Dr Andrew Hornblow, then the Dean of the Christchurch medical school, suggested
“The most basic and urgent challenges facing New Zealand society are not economic. They are to do with our values – those activities which give meaning and purpose in our society, our social ecology, spirituality in the broadest sense”. (Hornblow, 1999).
While over ten years old, Hornblow’s comments are still relevant and challenging today New Zealand has many expressions of spirituality – from the natural wonder and awe of our environment, the ‘religion’ that for some is our national game, rugby, and the Churches that are crucial in providing an ethic of compassion to social services.
New Zealand is said to be a secular country, with only about 8-12 % of us going to church, synagogue or temple regularly (Ward, 2001), yet 55.6% still claim to be Christian (Statistics New Zealand Tatauranga Aotearoa, 2006). There has also been a rise in the number of people who claim ‘no-religion’, for example in New Zealand this, the fastest growing group, has grown to 32.2% or 1.3 million people (Statistics New Zealand Tatauranga Aotearoa, 2006). Census statistics do not tell the whole story, as many New Zealanders still claim to believe in some form of God (up to 50% (Vaccarino, Kavan, & Gendall, 2011)) and “30.5% agreed with the statement, “I don’t follow a religion, but am a spiritual person interested in the sacred/supernatural.” (Vaccarino et aI., 2011). In 2006 Matheson wrote that it is a myth that New Zealand is a secular society:
“Parallel with the collapse of. Christendom, after all, there is a new quest for ‘spirituality’, and a stubborn refusal of religion to die out.” (Matheson, 2006, p. 177).
Central to New Zealand understanding of spirituality is the Māori perspective. While acknowledging heterogeneity, the New Zealand indigenous voice adds something unique that affects all New Zealanders and is in part responsible for the inclusion of spirituality in current government policy. Successive governments have accepted Māori models of health and well-being: hauora (Ministry of Education., 1999), Te Whare Tapa Wha (Minister of Health., 2000), Te Wheke (pere, 1997), and Te Pae Mahu Tonga (Durie, 2004). Māori or tangata whenua have contributed to the spiritual discourse and significantly contributed to its renaissance.
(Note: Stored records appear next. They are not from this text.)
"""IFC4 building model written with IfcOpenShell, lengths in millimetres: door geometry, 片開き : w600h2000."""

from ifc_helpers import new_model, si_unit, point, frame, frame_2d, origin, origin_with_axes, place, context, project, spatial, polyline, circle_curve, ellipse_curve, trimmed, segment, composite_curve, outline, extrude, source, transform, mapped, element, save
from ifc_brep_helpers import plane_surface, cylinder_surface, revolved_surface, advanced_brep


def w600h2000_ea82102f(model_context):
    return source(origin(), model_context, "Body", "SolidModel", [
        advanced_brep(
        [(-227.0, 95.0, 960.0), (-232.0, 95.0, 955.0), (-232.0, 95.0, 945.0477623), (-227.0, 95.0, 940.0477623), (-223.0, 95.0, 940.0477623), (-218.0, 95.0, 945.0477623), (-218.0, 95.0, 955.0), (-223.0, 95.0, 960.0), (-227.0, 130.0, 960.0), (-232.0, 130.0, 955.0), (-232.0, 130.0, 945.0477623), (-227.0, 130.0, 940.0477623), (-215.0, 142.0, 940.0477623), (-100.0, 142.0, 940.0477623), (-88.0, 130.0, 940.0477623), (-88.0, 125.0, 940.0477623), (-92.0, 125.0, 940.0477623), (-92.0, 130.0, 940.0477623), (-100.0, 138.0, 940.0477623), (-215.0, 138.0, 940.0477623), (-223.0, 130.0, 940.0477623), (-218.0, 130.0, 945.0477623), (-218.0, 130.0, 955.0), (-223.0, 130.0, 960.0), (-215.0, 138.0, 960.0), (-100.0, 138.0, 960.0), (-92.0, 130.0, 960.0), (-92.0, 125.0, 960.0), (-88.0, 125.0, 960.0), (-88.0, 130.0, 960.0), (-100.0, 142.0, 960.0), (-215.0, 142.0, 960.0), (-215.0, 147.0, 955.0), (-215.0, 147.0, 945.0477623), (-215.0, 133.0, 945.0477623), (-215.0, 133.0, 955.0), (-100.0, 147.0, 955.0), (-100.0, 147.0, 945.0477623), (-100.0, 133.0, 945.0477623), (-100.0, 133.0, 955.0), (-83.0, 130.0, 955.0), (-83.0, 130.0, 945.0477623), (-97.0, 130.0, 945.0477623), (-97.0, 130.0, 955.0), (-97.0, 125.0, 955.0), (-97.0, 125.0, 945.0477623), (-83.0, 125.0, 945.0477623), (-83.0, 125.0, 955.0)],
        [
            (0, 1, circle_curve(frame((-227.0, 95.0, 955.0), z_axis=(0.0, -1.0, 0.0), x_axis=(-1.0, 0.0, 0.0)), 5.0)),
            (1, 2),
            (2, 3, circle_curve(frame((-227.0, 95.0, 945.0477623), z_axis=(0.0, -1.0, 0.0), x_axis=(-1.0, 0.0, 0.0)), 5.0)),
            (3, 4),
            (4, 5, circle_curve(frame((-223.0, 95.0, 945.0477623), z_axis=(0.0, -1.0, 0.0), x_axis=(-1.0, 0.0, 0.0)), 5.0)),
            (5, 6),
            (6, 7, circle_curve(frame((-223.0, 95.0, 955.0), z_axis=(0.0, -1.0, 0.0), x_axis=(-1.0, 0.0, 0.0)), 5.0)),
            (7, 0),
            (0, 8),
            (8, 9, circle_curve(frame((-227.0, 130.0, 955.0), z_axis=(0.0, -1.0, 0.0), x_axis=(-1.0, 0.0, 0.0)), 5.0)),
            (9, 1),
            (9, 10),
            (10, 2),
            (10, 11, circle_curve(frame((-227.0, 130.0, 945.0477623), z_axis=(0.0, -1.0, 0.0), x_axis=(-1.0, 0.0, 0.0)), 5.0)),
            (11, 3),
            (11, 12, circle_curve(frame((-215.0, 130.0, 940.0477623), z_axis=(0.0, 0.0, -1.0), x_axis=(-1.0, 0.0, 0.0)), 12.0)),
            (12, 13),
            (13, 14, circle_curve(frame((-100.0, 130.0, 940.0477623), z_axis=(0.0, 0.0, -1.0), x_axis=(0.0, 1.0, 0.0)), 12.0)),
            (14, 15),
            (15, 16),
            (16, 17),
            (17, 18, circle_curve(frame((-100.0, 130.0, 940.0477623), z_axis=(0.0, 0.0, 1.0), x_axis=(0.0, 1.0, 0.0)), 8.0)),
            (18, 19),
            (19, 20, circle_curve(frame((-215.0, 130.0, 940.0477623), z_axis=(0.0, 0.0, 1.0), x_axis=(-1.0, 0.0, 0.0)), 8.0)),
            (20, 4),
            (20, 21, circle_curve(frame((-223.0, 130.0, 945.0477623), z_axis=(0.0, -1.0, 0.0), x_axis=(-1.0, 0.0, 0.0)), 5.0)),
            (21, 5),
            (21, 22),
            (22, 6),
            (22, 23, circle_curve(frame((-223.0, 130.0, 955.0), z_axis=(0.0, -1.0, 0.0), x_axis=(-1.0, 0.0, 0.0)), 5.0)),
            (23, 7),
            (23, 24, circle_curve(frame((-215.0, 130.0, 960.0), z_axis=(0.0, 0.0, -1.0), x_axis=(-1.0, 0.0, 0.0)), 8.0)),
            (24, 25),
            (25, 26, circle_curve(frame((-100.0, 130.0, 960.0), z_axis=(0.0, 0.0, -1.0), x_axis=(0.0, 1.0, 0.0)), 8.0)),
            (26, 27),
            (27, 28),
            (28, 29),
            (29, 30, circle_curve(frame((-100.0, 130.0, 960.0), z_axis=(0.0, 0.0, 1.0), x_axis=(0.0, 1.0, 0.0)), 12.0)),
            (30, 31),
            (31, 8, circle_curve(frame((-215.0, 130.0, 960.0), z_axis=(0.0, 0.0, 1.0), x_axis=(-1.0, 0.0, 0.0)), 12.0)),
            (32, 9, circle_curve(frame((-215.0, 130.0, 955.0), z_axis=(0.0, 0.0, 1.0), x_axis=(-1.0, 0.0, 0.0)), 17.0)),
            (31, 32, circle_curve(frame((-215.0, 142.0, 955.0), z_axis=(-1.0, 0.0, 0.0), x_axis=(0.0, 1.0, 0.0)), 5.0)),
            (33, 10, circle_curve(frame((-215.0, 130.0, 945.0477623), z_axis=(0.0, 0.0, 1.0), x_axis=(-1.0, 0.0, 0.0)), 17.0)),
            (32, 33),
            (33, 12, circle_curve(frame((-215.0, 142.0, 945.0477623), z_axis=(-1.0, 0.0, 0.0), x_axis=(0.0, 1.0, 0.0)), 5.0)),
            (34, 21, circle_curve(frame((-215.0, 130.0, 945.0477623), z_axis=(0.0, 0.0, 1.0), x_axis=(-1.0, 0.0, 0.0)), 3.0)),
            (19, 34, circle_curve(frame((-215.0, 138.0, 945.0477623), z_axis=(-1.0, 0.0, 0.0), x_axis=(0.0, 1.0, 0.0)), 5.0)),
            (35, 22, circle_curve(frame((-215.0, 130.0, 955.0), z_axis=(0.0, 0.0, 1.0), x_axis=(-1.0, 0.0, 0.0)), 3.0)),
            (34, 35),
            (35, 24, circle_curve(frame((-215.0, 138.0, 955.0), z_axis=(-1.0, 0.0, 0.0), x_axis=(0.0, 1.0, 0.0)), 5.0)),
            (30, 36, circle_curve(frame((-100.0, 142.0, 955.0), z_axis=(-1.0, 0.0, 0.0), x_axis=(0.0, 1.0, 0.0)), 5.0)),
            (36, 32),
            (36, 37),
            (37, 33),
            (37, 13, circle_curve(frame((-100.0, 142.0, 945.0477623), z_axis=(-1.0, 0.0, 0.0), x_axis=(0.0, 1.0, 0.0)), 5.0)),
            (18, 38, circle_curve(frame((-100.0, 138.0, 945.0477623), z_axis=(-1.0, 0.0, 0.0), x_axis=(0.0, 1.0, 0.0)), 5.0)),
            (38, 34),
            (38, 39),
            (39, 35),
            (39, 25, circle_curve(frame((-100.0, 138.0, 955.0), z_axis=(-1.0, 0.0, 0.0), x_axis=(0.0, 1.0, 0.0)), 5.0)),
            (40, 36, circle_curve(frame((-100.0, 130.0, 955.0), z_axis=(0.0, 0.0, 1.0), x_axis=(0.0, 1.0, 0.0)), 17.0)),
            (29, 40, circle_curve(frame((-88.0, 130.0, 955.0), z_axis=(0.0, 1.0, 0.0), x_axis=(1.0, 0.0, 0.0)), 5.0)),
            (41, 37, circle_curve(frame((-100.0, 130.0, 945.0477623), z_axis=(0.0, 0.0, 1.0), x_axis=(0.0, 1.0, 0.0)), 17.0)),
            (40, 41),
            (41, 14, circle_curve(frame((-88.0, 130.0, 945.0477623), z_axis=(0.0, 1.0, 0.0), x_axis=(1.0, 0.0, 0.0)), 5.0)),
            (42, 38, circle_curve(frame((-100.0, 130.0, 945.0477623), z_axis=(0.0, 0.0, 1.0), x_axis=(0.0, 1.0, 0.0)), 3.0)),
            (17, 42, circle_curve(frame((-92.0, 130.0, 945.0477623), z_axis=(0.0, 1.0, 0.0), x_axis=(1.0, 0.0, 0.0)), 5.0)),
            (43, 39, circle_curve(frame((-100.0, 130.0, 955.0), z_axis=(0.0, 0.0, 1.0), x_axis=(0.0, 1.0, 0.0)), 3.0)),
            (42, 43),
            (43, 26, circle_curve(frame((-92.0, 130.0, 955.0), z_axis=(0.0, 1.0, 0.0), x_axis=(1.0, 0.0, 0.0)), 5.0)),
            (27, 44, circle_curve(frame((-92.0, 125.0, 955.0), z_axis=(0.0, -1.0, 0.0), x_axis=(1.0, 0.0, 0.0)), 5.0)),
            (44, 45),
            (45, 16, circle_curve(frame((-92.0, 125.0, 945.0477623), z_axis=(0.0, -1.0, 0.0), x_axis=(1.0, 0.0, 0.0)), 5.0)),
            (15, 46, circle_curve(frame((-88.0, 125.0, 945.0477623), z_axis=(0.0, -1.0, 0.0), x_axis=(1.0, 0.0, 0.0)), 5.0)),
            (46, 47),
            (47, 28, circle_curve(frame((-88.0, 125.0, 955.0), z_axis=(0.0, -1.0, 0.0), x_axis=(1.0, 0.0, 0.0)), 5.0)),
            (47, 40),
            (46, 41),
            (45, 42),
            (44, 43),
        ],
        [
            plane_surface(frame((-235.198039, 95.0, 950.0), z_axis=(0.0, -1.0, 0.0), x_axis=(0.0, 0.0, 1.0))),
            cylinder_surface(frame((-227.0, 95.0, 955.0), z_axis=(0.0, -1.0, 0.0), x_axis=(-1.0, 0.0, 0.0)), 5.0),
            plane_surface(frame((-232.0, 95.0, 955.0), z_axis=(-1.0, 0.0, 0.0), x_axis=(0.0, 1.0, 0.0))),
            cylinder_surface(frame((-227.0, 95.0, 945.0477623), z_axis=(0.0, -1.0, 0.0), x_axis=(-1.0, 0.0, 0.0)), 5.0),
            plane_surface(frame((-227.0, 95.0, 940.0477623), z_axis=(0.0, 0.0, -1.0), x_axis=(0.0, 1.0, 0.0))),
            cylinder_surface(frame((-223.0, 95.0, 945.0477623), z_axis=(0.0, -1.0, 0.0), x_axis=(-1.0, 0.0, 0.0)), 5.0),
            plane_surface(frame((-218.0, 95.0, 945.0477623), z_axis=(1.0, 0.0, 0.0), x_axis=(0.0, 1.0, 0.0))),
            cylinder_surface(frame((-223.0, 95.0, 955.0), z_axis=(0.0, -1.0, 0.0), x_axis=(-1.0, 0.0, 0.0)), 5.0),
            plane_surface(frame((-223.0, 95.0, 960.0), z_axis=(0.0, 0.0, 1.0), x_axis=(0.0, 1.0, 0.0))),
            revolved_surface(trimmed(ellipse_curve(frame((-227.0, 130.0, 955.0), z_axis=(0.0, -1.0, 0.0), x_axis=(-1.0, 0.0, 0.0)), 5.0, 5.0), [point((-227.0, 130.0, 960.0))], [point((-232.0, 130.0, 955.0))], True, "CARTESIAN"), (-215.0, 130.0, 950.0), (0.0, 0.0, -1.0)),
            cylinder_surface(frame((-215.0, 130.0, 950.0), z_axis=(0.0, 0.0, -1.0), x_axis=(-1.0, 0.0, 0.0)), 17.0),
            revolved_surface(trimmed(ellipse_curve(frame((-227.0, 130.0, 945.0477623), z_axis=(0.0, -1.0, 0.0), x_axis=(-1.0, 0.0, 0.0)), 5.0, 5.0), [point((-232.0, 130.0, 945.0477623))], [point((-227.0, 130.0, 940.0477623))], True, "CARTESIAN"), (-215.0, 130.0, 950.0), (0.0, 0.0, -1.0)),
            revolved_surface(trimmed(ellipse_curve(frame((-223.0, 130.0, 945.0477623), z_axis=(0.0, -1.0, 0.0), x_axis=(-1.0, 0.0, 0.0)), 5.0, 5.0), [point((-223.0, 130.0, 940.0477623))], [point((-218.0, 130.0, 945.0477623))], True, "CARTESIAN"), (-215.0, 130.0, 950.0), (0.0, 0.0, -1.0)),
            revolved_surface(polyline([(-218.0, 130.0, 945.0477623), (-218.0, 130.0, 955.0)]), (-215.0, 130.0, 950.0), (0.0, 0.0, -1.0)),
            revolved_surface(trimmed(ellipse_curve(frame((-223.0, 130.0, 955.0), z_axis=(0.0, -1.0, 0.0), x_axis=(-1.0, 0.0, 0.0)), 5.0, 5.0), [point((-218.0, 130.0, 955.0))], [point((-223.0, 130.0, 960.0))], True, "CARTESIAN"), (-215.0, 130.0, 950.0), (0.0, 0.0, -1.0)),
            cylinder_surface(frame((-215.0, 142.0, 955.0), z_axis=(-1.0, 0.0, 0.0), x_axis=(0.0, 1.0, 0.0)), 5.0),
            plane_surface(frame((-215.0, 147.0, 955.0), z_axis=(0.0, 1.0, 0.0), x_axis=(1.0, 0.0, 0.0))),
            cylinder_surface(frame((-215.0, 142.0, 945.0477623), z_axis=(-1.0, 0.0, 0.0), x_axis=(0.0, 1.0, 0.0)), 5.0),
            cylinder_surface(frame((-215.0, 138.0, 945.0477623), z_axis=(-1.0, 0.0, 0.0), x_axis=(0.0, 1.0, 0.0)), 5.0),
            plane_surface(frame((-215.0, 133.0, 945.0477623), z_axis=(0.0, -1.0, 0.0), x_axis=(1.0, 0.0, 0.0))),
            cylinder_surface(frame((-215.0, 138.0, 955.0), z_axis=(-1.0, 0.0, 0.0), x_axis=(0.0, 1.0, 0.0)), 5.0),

Many prominent New Zealanders have commented on spirituality. Scholars such as Lineham and Geering have noted the demise of religion, and its replacement by spirituality (Geering, 1999; Harvey, 2005). Principal Youth Court Judge, Andrew Becroft, has noted the “spiritual vacuum” present in many of our most dysfunctional young men (Becroft, 2007). A former Mental Health Commissioner, Julia Leibrich, has argued that there is an
“agonizing emptiness within our society that … reflects a desperate need for meaning, relevance, something deeper in life” (Leibrich, 2002).
Spirituality, despite this apparent vacuum or malaise, is named, explored and nurtured in range of New Zealand contexts, particularly in education and health. State schools have been mandated to teach about spirituality since the 1999 Health and Physical Education Curriculum. In this curriculum, the underlying concept of well-being/hauora is defined using Durie’s Te Whare Tapa Wha model of health (Durie, 1998b), which includes: physical (te taha tinana), mental and emotional (te taha hinengaro), social (te taha whanau) and spiritual (te taha wairua) dimensions. Spirituality is defined in the curriculum broadly. In health, New Zealand has acknowledged spirituality when considering Māori issues (Minister of Health., 2000). NZ palliative care picked up both the international model of total care and Te Whare Tapa Wha when they included the previously named four dimensions (Ministry of Health, 2001). Further the Ministry of Health produced a cancer document with three pages on spirituality (Ministry of Health, 2010).
A New Zealand qualitative study, funded by the Presbyterian Church, interviewed 40 non-Church attendees, including parents and children. While this was solely Auckland based, the key themes may be relevant for all of New Zealand, particularly the finding that “People still believe that spirituality is important: there is something more to life than just existing” and “Church attendance is not necessary to express your spirituality: spirituality is personal and inward. (AC Nielsen, 2003). Further, a recent study of GPs in New Zealand found that the majority accepted spirituality as central to healing and hope. (Holmes, 2011).
New Zealand is a multi-cultural, multi-faith and broadly secular country in which spirituality has a place even though it is widely ignored or misunderstood. There may be ways of exploring it that could have a positive impact on well-being. Sir Mason Durie suggests, spirituality or wairua is central for Māori well-being (Durie, 1998), so failing to consider it could be a breach of the Treaty of Waitangi.